One example of a modern test automation tool, as described above, is the 'ISG-dirigent' tool. It was developed as part of a joint research project between the Institute for Control Engineering of Machine Tools and Production Equipment (ISW) at the University of Stuttgart and the company Industrielle Steuerungstechnik GmbH (ISG). The software is based on two components: the simulation solution ISG-virtuos, which is able to simulate digital twins, and expecco, a framework for test automation from the company Exept AG.

TAW using a concrete example

From the list of loaded libraries that are available for the test sequence, the user selects the blocks that he wants to use for his test sequence.

© ISG Industrial Control Technology

A control system frequently used in the machine tool environment is the Sinumerik 840D sl from Siemens, for which the structure of ISG-dirigent is described below: In addition to the standard library, the basic tool expecco already includes other important libraries that are necessary for testing such systems. For example, the Qt library enables the communication of the test blocks with the elements of the user interface of the CNC control, while the VNC library allows the transmission of keyboard entries to the control panel of the Sinumerik. The SCP library, in turn, enables the transfer of files (such as NC programs) from and to the controller.

But only the ISG library for the Siemens Sinumerik 840D sl complements the tool to the full functionality of ISG-dirigent. Based on the 'OPC UA Client Interface' and 'ISG-virtuos Client Interface' libraries for communication with the controller and the digital twin respectively, this library is divided into the following sub-areas:

• Blocks of the control panel group (OP 012) for user-friendly interaction of the test blocks with the controller in relation to the control panel.
• Blocks of the Machine Control Panel group (MCP483) for the interaction of the test blocks with the controller in relation to the machine control panel.
• Blocks of the Machine and Settings Data group for access by the test blocks to this control system data.
• Blocks of the Arithmetic Parameters and User Data groups for access by the test blocks to this control system data.
• Blocks of the PLC Data group for the access of the test blocks to this control system data.

If the system manufacturer has systematized its test sequences, the most efficient way to start test automation is during virtual commissioning. However, this also includes defining the test sequences on the basis of individual test steps, recording the expected results of a test sequence and creating protocol templates. Plant manufacturers can then start to identify the common parts between test sequences. In this way, a library of reusable test steps can be built up step by step. The protocol template in the TAW provides a quicker overview of how a test went and where errors may have occurred.
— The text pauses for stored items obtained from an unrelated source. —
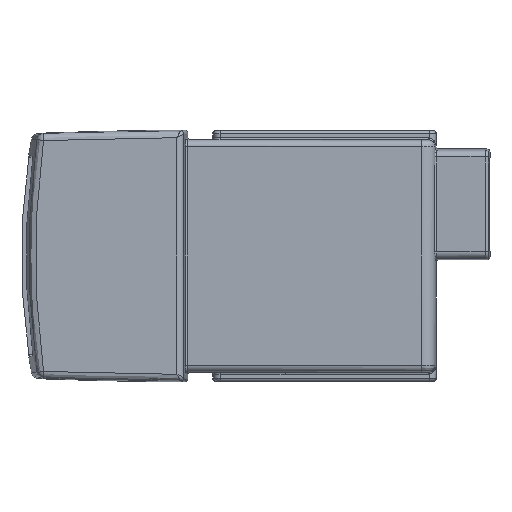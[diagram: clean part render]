
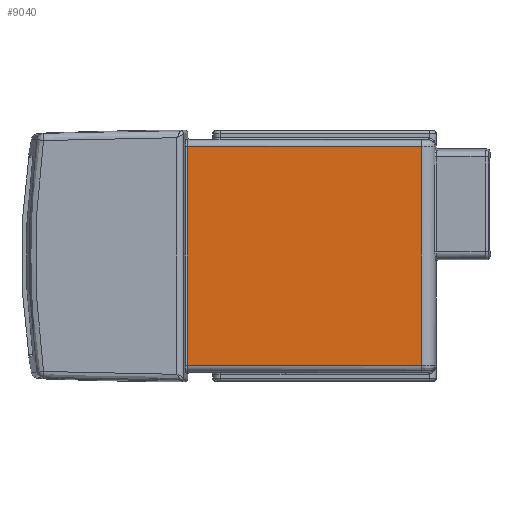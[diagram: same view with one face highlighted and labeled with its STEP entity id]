
A CAD part, front view. The second image highlights one B-rep face of the part: STEP entity #9040.
In plain terms, the highlighted planar face has unit normal (0, -1, 0).
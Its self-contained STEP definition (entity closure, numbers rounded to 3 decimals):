
#875 = VECTOR ( 'NONE', #12644, 1000. ) ;
#977 = EDGE_LOOP ( 'NONE', ( #5137, #16582, #6693, #10863 ) ) ;
#1167 = EDGE_CURVE ( 'NONE', #23217, #6562, #28048, .T. ) ;
#2604 = PLANE ( 'NONE',  #17578 ) ;
#2680 = EDGE_CURVE ( 'NONE', #13094, #23217, #12581, .T. ) ;
#2742 = DIRECTION ( 'NONE',  ( -1., 0., 0. ) ) ;
#4048 = EDGE_CURVE ( 'NONE', #6562, #31109, #31264, .T. ) ;
#4887 = DIRECTION ( 'NONE',  ( 0., -1., 0. ) ) ;
#5137 = ORIENTED_EDGE ( 'NONE', *, *, #4048, .T. ) ;
#6345 = CARTESIAN_POINT ( 'NONE',  ( -21.308, -12.83, -0.535 ) ) ;
#6562 = VERTEX_POINT ( 'NONE', #9325 ) ;
#6693 = ORIENTED_EDGE ( 'NONE', *, *, #2680, .T. ) ;
#6851 = CARTESIAN_POINT ( 'NONE',  ( -0.656, -12.83, 33.517 ) ) ;
#9040 = ADVANCED_FACE ( 'NONE', ( #27374 ), #2604, .T. ) ;
#9072 = DIRECTION ( 'NONE',  ( 1., 0., 0. ) ) ;
#9325 = CARTESIAN_POINT ( 'NONE',  ( -36.096, -12.83, -0.535 ) ) ;
#9569 = DIRECTION ( 'NONE',  ( 0., 0., 1. ) ) ;
#10863 = ORIENTED_EDGE ( 'NONE', *, *, #1167, .T. ) ;
#12581 = LINE ( 'NONE', #22944, #26255 ) ;
#12644 = DIRECTION ( 'NONE',  ( 0., 0., -1. ) ) ;
#13094 = VERTEX_POINT ( 'NONE', #30394 ) ;
#13765 = CARTESIAN_POINT ( 'NONE',  ( -0.656, -12.83, -0.535 ) ) ;
#14878 = LINE ( 'NONE', #6851, #25943 ) ;
#15381 = CARTESIAN_POINT ( 'NONE',  ( -36.096, -12.83, -1.524 ) ) ;
#16582 = ORIENTED_EDGE ( 'NONE', *, *, #22494, .T. ) ;
#17578 = AXIS2_PLACEMENT_3D ( 'NONE', #31893, #4887, #22344 ) ;
#19251 = CARTESIAN_POINT ( 'NONE',  ( -36.096, -12.83, 32.528 ) ) ;
#21604 = VECTOR ( 'NONE', #9072, 1000. ) ;
#22344 = DIRECTION ( 'NONE',  ( 1., 0., 0. ) ) ;
#22494 = EDGE_CURVE ( 'NONE', #31109, #13094, #14878, .T. ) ;
#22944 = CARTESIAN_POINT ( 'NONE',  ( -36.381, -12.83, 32.528 ) ) ;
#23217 = VERTEX_POINT ( 'NONE', #19251 ) ;
#25943 = VECTOR ( 'NONE', #9569, 1000. ) ;
#26255 = VECTOR ( 'NONE', #2742, 1000. ) ;
#27374 = FACE_OUTER_BOUND ( 'NONE', #977, .T. ) ;
#28048 = LINE ( 'NONE', #15381, #875 ) ;
#30394 = CARTESIAN_POINT ( 'NONE',  ( -0.656, -12.83, 32.528 ) ) ;
#31109 = VERTEX_POINT ( 'NONE', #13765 ) ;
#31264 = LINE ( 'NONE', #6345, #21604 ) ;
#31893 = CARTESIAN_POINT ( 'NONE',  ( -21.691, -12.83, 21.215 ) ) ;

ISW is also conducting research into the automation of commissioning tests. This includes the intelligent generation of data for the test sequence and the expansion of test execution into the real-time part of the HiL setup. It is planned to add further libraries for controllers from Fanuc, Heidenhain, Bosch-Rexroth and Beckhoff as part of the work on ISG-dirigent.

Authors:
Dr.-Ing. Gerhard Krebser is responsible for the test automation of control software at ISG Industrielle Steuerungstechnik;
Karl Kübler is a research assistant at the ISW at the University of Stuttgart.